Laici nella città e nella Chiesa. Intervista al sociologo Diotallevi dell’Università Roma Tre, incontro alla Facoltà Teologica venerdì 26 maggio
di Mario Girau
Più soldi e benessere uguale più figli; meno soldi e stipendi di sopravvivenza quindi natalità in calo. Sembra questa la regola aurea scaturita dal monitoraggio imperfetto sul fenomeno dello spopolamento oggi in Italia. Su queste equazioni si intende costruire le politiche demografiche per il nostro paese. Una logica da baby boom, quando in pieno miracolo economico (nel 1964) si registravano in Italia oltre un milione di nati e 2,7 figli medi per donna (oggi 1,25 e in Sardegna 0,95 figli per donna: è il terzo anno di fila che l’isola è l’unica Regione con fecondità sotto quota 1). Allo stesso modo, il crollo delle nascite ha combaciato con l’esplosione del debito pubblico dagli anni ’90 in poi e le crisi economiche del 2008 e del 2011.
“La drastica riduzione della mortalità infantile e l’aumento della speranza di vita – dice il sociologo Luca Diotallevi dell’Università Roma Tre – rendono meno percepibile i livelli del dramma demografico, che dovrebbe letteralmente allarmare perché la popolazione che diminuisce è sempre più vecchia». Il 7,5% degli italiani ha più di 80 anni; più del 30% degli abitanti del nostro paese è over 60 anni. “Di fronte a questi dati è fuorviante decidere che avere o non avere figli dipenda esclusivamente da incentivi economici e da nuove leggi. A questo proposito il dibattito pubblico è persino più misero di quanto non lo siano le politiche”.
La storia demografica dimostra che le società dove si fanno più figli non sono necessariamente più ricche di quelle dove se ne fanno meno.
È vero che lasciar nascere un figlio o una figlia equivale ad una perdita: di risorse materiali che potrebbero essere investite altrimenti, di gradi e spazi di libertà importanti. La scelta di fare o non fare figli non dipende semplicemente da quanto costano, ma anche e forse soprattutto da quanto percepisco che mi tolgono di ciò che altrimenti potrei avere. Le aspettative sono un dato socio-culturale essenziale. Hanno un valore straordinario e non si devono demonizzare.
Va respinta, dunque, la tesi che non si fanno figli per egoismo?

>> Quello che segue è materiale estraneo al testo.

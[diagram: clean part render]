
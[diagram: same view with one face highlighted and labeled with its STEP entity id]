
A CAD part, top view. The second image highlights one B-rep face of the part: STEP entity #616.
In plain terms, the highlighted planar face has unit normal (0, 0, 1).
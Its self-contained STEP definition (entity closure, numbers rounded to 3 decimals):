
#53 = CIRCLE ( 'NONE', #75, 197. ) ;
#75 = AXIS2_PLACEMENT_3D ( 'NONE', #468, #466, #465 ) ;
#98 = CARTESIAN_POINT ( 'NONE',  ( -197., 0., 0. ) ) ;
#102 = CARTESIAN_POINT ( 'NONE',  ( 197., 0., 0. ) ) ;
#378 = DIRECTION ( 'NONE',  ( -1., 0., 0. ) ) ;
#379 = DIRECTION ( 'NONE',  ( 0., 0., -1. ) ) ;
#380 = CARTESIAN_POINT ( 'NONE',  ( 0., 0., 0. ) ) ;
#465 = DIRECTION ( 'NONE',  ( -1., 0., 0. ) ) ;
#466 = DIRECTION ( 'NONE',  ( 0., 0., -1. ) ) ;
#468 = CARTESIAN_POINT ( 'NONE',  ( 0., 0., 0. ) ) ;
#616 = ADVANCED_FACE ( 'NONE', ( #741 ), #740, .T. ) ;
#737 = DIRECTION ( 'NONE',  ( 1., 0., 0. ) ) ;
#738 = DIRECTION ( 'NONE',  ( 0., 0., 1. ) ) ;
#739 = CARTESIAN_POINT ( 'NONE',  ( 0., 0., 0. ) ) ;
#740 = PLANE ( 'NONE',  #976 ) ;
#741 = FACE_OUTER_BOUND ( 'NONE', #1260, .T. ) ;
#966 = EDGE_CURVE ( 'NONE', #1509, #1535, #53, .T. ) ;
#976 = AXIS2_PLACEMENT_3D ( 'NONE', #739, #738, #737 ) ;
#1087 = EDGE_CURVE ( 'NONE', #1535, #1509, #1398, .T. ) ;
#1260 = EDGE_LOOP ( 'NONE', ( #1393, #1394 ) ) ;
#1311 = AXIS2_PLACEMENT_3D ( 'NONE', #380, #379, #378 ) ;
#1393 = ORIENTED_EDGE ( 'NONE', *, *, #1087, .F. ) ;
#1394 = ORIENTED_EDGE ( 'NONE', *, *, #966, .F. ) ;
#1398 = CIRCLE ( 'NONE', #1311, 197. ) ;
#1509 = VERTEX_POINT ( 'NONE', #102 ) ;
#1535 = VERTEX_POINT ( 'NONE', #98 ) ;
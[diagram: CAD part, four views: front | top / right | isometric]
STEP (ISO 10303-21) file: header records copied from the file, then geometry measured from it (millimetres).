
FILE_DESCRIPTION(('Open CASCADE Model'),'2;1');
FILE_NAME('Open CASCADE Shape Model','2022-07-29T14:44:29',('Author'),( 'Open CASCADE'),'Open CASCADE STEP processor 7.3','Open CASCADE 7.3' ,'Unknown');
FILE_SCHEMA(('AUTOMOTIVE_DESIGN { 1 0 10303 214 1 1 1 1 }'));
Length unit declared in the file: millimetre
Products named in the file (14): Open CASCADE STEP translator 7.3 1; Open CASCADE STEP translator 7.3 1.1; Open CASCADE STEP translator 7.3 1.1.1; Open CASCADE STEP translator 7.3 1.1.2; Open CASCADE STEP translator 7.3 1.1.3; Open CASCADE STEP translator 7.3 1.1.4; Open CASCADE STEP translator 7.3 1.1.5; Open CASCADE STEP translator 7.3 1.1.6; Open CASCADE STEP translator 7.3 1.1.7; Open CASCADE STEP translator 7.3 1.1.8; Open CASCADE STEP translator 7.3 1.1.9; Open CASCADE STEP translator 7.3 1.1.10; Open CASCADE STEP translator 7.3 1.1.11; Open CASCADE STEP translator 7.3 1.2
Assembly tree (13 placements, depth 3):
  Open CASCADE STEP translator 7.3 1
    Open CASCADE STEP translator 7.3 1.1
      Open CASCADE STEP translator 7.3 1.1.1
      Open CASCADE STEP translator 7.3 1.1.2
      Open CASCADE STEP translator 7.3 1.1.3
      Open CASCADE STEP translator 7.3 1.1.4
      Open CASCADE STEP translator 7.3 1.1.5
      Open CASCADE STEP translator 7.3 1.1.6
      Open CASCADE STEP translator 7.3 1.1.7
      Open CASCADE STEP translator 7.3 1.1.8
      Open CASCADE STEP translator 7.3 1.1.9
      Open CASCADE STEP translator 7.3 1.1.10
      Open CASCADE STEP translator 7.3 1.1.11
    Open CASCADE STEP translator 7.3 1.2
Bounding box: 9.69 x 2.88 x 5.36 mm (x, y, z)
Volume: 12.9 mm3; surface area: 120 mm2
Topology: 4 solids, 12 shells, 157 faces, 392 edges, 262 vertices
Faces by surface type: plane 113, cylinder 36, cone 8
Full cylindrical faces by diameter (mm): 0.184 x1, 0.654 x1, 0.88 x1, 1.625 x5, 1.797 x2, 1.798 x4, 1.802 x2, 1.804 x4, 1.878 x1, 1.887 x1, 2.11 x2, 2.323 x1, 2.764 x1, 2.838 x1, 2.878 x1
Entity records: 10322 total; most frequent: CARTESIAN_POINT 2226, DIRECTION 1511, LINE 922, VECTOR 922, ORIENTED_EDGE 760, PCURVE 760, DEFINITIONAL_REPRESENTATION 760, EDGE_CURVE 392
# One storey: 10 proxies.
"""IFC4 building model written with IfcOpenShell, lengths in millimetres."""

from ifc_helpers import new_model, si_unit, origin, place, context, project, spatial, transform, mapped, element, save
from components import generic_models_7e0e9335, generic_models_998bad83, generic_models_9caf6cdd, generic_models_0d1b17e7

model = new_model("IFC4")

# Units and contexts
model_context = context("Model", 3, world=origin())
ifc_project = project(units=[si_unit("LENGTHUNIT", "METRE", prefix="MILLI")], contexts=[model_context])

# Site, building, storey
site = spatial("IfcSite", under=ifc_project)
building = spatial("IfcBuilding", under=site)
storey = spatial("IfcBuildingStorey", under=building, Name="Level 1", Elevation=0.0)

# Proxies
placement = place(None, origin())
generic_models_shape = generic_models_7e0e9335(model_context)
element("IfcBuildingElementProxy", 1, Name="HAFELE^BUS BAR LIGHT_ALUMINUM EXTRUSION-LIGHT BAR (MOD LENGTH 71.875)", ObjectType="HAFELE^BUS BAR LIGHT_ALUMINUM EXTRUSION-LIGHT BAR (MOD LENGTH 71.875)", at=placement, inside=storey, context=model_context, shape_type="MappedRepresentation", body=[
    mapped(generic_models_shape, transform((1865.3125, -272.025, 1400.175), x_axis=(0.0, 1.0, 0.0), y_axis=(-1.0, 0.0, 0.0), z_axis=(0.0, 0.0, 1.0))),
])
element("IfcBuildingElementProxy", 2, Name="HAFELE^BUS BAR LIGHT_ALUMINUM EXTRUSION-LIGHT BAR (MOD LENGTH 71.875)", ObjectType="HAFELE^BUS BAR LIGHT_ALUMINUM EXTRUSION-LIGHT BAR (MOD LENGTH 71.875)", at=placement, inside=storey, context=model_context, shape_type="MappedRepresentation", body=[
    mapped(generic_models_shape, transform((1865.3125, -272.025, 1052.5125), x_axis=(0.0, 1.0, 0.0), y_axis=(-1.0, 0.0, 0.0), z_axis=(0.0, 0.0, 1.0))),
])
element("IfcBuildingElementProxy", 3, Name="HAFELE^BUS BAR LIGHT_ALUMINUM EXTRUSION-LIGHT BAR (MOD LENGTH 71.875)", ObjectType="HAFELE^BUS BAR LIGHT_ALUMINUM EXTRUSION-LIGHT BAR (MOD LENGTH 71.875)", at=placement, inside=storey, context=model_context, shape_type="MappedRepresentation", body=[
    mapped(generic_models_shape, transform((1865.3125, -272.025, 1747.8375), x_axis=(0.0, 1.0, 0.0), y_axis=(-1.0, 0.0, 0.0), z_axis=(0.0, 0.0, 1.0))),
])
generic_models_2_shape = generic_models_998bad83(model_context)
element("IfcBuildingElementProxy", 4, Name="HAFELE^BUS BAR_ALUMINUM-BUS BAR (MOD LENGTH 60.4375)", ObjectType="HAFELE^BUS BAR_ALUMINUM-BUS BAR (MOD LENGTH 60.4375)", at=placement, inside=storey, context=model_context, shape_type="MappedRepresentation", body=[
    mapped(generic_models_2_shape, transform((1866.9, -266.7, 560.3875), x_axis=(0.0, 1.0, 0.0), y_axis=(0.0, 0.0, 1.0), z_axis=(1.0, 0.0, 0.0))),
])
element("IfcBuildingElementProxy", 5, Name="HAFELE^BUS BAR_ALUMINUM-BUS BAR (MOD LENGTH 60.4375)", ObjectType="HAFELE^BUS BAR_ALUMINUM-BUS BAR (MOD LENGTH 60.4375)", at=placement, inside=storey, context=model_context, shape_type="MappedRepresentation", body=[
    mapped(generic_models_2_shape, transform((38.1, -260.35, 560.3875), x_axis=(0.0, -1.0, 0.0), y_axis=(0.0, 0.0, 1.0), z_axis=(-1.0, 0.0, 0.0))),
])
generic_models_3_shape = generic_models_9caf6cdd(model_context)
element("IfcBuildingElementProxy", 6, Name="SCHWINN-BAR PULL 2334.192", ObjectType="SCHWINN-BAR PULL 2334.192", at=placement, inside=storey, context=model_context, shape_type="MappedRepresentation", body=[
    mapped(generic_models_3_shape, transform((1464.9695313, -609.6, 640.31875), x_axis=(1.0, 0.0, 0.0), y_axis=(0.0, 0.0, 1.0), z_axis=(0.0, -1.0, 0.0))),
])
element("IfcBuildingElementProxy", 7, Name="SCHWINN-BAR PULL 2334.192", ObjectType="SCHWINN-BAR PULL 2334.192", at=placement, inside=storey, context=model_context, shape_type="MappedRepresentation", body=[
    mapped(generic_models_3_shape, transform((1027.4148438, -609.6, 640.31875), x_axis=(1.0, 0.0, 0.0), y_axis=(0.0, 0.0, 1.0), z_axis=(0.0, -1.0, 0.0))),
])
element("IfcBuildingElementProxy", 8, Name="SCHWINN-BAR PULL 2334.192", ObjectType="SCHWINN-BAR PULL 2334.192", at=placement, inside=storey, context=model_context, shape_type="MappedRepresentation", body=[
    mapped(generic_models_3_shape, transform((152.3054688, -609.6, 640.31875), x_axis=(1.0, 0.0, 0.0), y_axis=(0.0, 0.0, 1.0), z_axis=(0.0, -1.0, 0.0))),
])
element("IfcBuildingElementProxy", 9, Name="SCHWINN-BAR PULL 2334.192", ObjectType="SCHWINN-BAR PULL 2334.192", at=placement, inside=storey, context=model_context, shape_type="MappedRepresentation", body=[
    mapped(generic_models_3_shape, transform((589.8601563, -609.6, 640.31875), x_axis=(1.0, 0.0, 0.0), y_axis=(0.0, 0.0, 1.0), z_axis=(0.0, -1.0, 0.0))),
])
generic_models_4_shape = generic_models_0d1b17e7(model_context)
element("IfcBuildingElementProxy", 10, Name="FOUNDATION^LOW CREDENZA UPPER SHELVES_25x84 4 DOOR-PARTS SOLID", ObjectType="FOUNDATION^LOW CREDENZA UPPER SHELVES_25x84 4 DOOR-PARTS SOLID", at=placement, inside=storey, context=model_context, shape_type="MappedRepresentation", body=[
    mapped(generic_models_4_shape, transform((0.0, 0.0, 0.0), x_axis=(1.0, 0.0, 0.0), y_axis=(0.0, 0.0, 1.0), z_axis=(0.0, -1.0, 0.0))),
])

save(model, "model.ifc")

Sì. Il problema è un altro. Abbiamo ben chiaro che cosa i figli tolgono, ma non quel che danno. Dall’ignoranza di quest’ultimo fattore deriva un calcolo assai diffuso, ma fatalmente sbagliato. Egualmente è un errore terribile pensare a un figlio come a un diritto, perché non si ha mai diritto ad “avere” un’altra persona. È altresì un errore pensare che un figlio od una figlia servano come assicurazione per il futuro: per la nostra vecchiaia, per la continuazione della specie o della nazione.
C’è una risposta credibile e concreta alla domanda “perché fare un figlio” in una società poco amica dei giovani?
Decidere di avere un figlio significa riconoscere di avere la possibilità di fare una cosa grandissima: donare vita; non solo godere della vita, ma anche donare la possibilità di goderne. E ancora, significa impegnarsi ancor di più in quella che la tradizione chiamava “amicizia coniugale”, cioè accettare di condividere qualcosa di importante con un’altra persona, foss’anche attraverso e oltre i rovesci della vita.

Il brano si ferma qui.